_EXERCISE_. Starting at the line with "for s, p in", retype each line exactly up to and including the final line of the records below.

_RECORDS FOR THE EXERCISE_.
'''

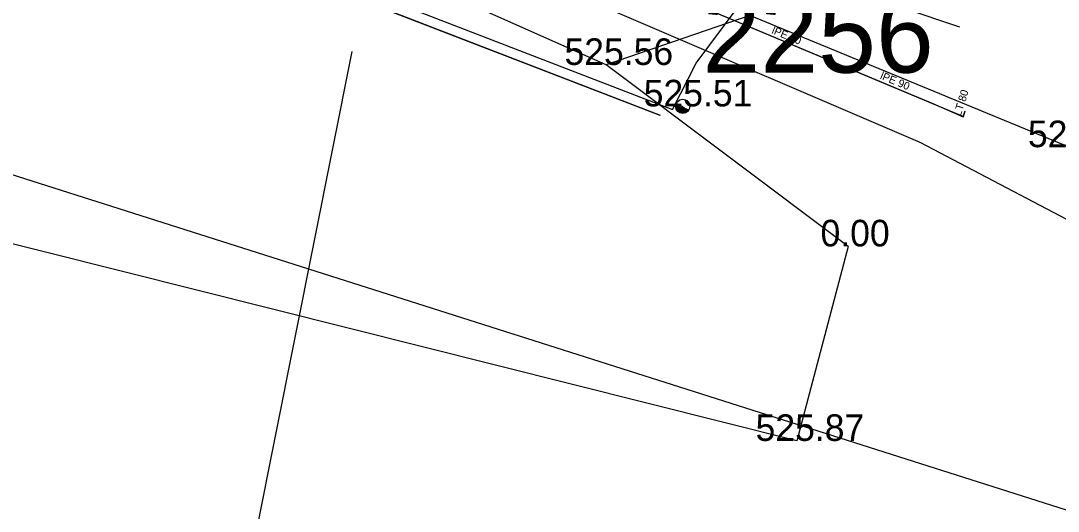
# Model space of a CAD drawing. Extents: x -669393 to -668650, y -1126925 to -1126294.
# Drawn here: x -668932.53 to -668903.24, y -1126829.82 to -1126815.98 of the extents above; entities that cross this region are included whole.
import ezdxf

# ---------------------------------------------------------------- set-up
doc = ezdxf.new("R2010")
doc.units = 0
for name, color, linetype in [('G_Bod_tecka', 7, 'Continuous'), ('G_Bod_vyska', 7, 'Continuous'), ('G_Plochy_zpevnene', 7, 'Continuous'), ('G_Site-Sloupy', 7, 'Continuous'), ('G_Z_ELsilove_nadz_kotovane', 7, 'Continuous'), ('G_Z_ELsilove_podz_kotovane', 7, 'Continuous'), ('G_Z_KANAL_podz_priblizne', 7, 'Continuous'), ('G_Z_PLYNY_podz_geodeticky', 7, 'Continuous'), ('G_Z_SPOJE_podz_geodeticky', 7, 'Continuous'), ('G_Z_SPOJE_podz_kotovane', 7, 'Continuous'), ('G_Z_SPOJE_podz_priblizne', 7, 'Continuous'), ('G_Z_VODA_podz_kotovane', 7, 'Continuous'), ('G_Zelen-okraj', 7, 'Continuous'), ('Vrstva 1', 7, 'Continuous'), ('Vrstva 18', 7, 'Continuous'), ('Vrstva 25', 7, 'Continuous'), ('Vrstva 27', 7, 'Continuous'), ('Vrstva 4', 7, 'Continuous'), ('Vrstva 62', 7, 'Continuous'), ('Vrstva 7', 7, 'Continuous')]:
    doc.layers.add(name, color=color, linetype=linetype)

msp = doc.modelspace()

# ---------------------------------------------------------------- linework, layer by layer
at = {"layer": 'G_Bod_tecka'}
for p, q in [((-668916, -1126817.23), (-668916, -1126817.23)), ((-668913.84, -1126818.4), (-668913.84, -1126818.4)), ((-668909.17, -1126822.35), (-668909.17, -1126822.35)), ((-668910.62, -1126827.84), (-668910.62, -1126827.84))]:
    msp.add_line(p, q, dxfattribs=at)
at = {"layer": 'G_Plochy_zpevnene'}
for points in [[(-668911.95, -1126815.83), (-668916, -1126817.23), (-668925.6, -1126812.96), (-668924.67, -1126810.39)], [(-668902.93, -1126819.55), (-668911.95, -1126815.83)]]:
    msp.add_lwpolyline(points, dxfattribs=at)
at = {"layer": 'G_Site-Sloupy'}
msp.add_circle((-668913.84, -1126818.4), 0.2, dxfattribs=at)
for radius in [0.18, 0.16, 0.14, 0.12, 0.1, 0.08, 0.06, 0.04, 0.02]:
    msp.add_arc((-668913.84, -1126818.4), radius, 152.3541, 332.3541, dxfattribs=at)
at = {"layer": 'G_Z_ELsilove_nadz_kotovane'}
msp.add_lwpolyline([(-668947.21, -1126805.73), (-668947.21, -1126805.73), (-668945.978, -1126806.2), (-668914.13, -1126818.49)], dxfattribs=at)
at = {"layer": 'G_Z_ELsilove_podz_kotovane'}
for points in [[(-668974.29, -1126824.76), (-668947.36, -1126805.96), (-668914.48, -1126818.65)], [(-668914.13, -1126818.49), (-668913.46, -1126817.18), (-668912.3, -1126815.63), (-668910.91, -1126812.36), (-668910.28, -1126810.86), (-668909.83, -1126808.73), (-668908.72, -1126806.99), (-668908.13, -1126806.2)]]:
    msp.add_lwpolyline(points, dxfattribs=at)
at = {"layer": 'G_Z_KANAL_podz_priblizne'}
msp.add_lwpolyline([(-668952.37, -1126814.08), (-668872.81, -1126839.39), (-668858.24, -1126860.51)], dxfattribs=at)
at = {"layer": 'G_Z_PLYNY_podz_geodeticky'}
msp.add_lwpolyline([(-668906.02, -1126816.16), (-668907.56, -1126815.65), (-668909.31, -1126814.95), (-668914.91, -1126812.8), (-668915.37, -1126812.62), (-668932.47, -1126806.72), (-668941.29, -1126803.68), (-668943.53, -1126802.9), (-668969.68, -1126795.84), (-668985.69, -1126793.26), (-668983.7, -1126777.8), (-668983.17, -1126772.12), (-668982.81, -1126768.98), (-668982.56, -1126765.51), (-668982.4, -1126763.78), (-668980.62, -1126745.39), (-668979.97, -1126737.36), (-668979.74, -1126734.84), (-668978.22, -1126718.38)], dxfattribs=at)
at = {"layer": 'G_Z_SPOJE_podz_geodeticky'}
msp.add_lwpolyline([(-668909.58, -1126889.86), (-668909.77, -1126890.44), (-668921.89, -1126888.17), (-668929.29, -1126886.91), (-668934.51, -1126873.68), (-668923.17, -1126816.85)], dxfattribs=at)
at = {"layer": 'G_Z_SPOJE_podz_kotovane'}
msp.add_lwpolyline([(-668874.36, -1126831.78), (-668883.8, -1126828.77), (-668885.48, -1126827.85), (-668888.02, -1126827.3), (-668901.12, -1126822.58), (-668907.14, -1126819.42), (-668924.36, -1126812.03), (-668938.42, -1126806.85)], dxfattribs=at)
at = {"layer": 'G_Z_SPOJE_podz_priblizne'}
msp.add_lwpolyline([(-668909.58, -1126889.86), (-668909.77, -1126890.44), (-668921.89, -1126888.17), (-668929.29, -1126886.91), (-668934.51, -1126873.68), (-668923.17, -1126816.85)], dxfattribs=at)
at = {"layer": 'G_Z_VODA_podz_kotovane'}
msp.add_line((-668905.92, -1126818.69), (-668905.87, -1126818.52), dxfattribs=at)
msp.add_lwpolyline([(-668926.61, -1126810.16), (-668920.09, -1126812.73), (-668918.27, -1126813.5), (-668906.78, -1126818.32), (-668905.92, -1126818.69)], dxfattribs=at)
at = {"layer": 'G_Zelen-okraj'}
msp.add_line((-668909.17, -1126822.35), (-668916, -1126817.23), dxfattribs=at)
msp.add_lwpolyline([(-668909.17, -1126822.35), (-668910.62, -1126827.84), (-668938.17, -1126820.92), (-668953.85, -1126815.95), (-668955.85, -1126811.84), (-668955.39, -1126809.79), (-668955.24, -1126807.73)], dxfattribs=at)
at = {"layer": 'Vrstva 1'}
msp.add_line((-668914.484, -1126818.649), (-668914.484, -1126818.649), dxfattribs=at)
at = {"layer": 'Vrstva 18'}
msp.add_lwpolyline([(-668952.37, -1126814.08), (-668872.812, -1126839.386), (-668858.241, -1126860.513)], dxfattribs=at)
msp.add_lwpolyline([(-668952.37, -1126814.08), (-668872.812, -1126839.386), (-668858.241, -1126860.513)], dxfattribs=at)
at = {"layer": 'Vrstva 25'}
msp.add_line((-668905.918, -1126818.686), (-668905.866, -1126818.521), dxfattribs=at)
at = {"layer": 'Vrstva 27'}
msp.add_lwpolyline([(-668926.612, -1126810.162), (-668920.093, -1126812.734), (-668918.267, -1126813.501), (-668906.785, -1126818.322), (-668905.918, -1126818.686)], dxfattribs=at)
at = {"layer": 'Vrstva 62'}
msp.add_line((-668947.358, -1126805.955), (-668914.484, -1126818.649), dxfattribs=at)
at = {"layer": 'Vrstva 7'}
msp.add_line((-668905.866, -1126818.521), (-668905.866, -1126818.521), dxfattribs=at)

# ---------------------------------------------------------------- texts
at = {"layer": 'G_Bod_vyska'}
for s, p in [('525.56', (-668917.178, -1126817.23)), ('525.51', (-668914.942, -1126818.4)), ('524.94', (-668904.096, -1126819.55)), ('0.00', (-668909.95, -1126822.35)), ('525.87', (-668911.784, -1126827.84))]:
    msp.add_text(s, height=0.75, dxfattribs=at).set_placement(p)
at = {"layer": 'Vrstva 4'}
msp.add_text('2256', height=2.1939, dxfattribs=at).set_placement((-668913.28, -1126817.447))
for s, rotation, p in [('lPE 90', 337.2588, (-668911.346, -1126816.33)), ('lPE 90', 337.2785, (-668908.286, -1126817.614)), ('LT 80', 72.4115, (-668905.993, -1126818.686))]:
    msp.add_text(s, height=0.2194, rotation=rotation, dxfattribs=at).set_placement(p)

doc.saveas('drawing.dxf')

'''

_ANSWER AREA_.
for s, p in [('525.56', (-668917.178, -1126817.23)), ('525.51', (-668914.942, -1126818.4)), ('524.94', (-668904.096, -1126819.55)), ('0.00', (-668909.95, -1126822.35)), ('525.87', (-668911.784, -1126827.84))]:
    msp.add_text(s, height=0.75, dxfattribs=at).set_placement(p)
at = {"layer": 'Vrstva 4'}
msp.add_text('2256', height=2.1939, dxfattribs=at).set_placement((-668913.28, -1126817.447))
for s, rotation, p in [('lPE 90', 337.2588, (-668911.346, -1126816.33)), ('lPE 90', 337.2785, (-668908.286, -1126817.614)), ('LT 80', 72.4115, (-668905.993, -1126818.686))]:
    msp.add_text(s, height=0.2194, rotation=rotation, dxfattribs=at).set_placement(p)

doc.saveas('drawing.dxf')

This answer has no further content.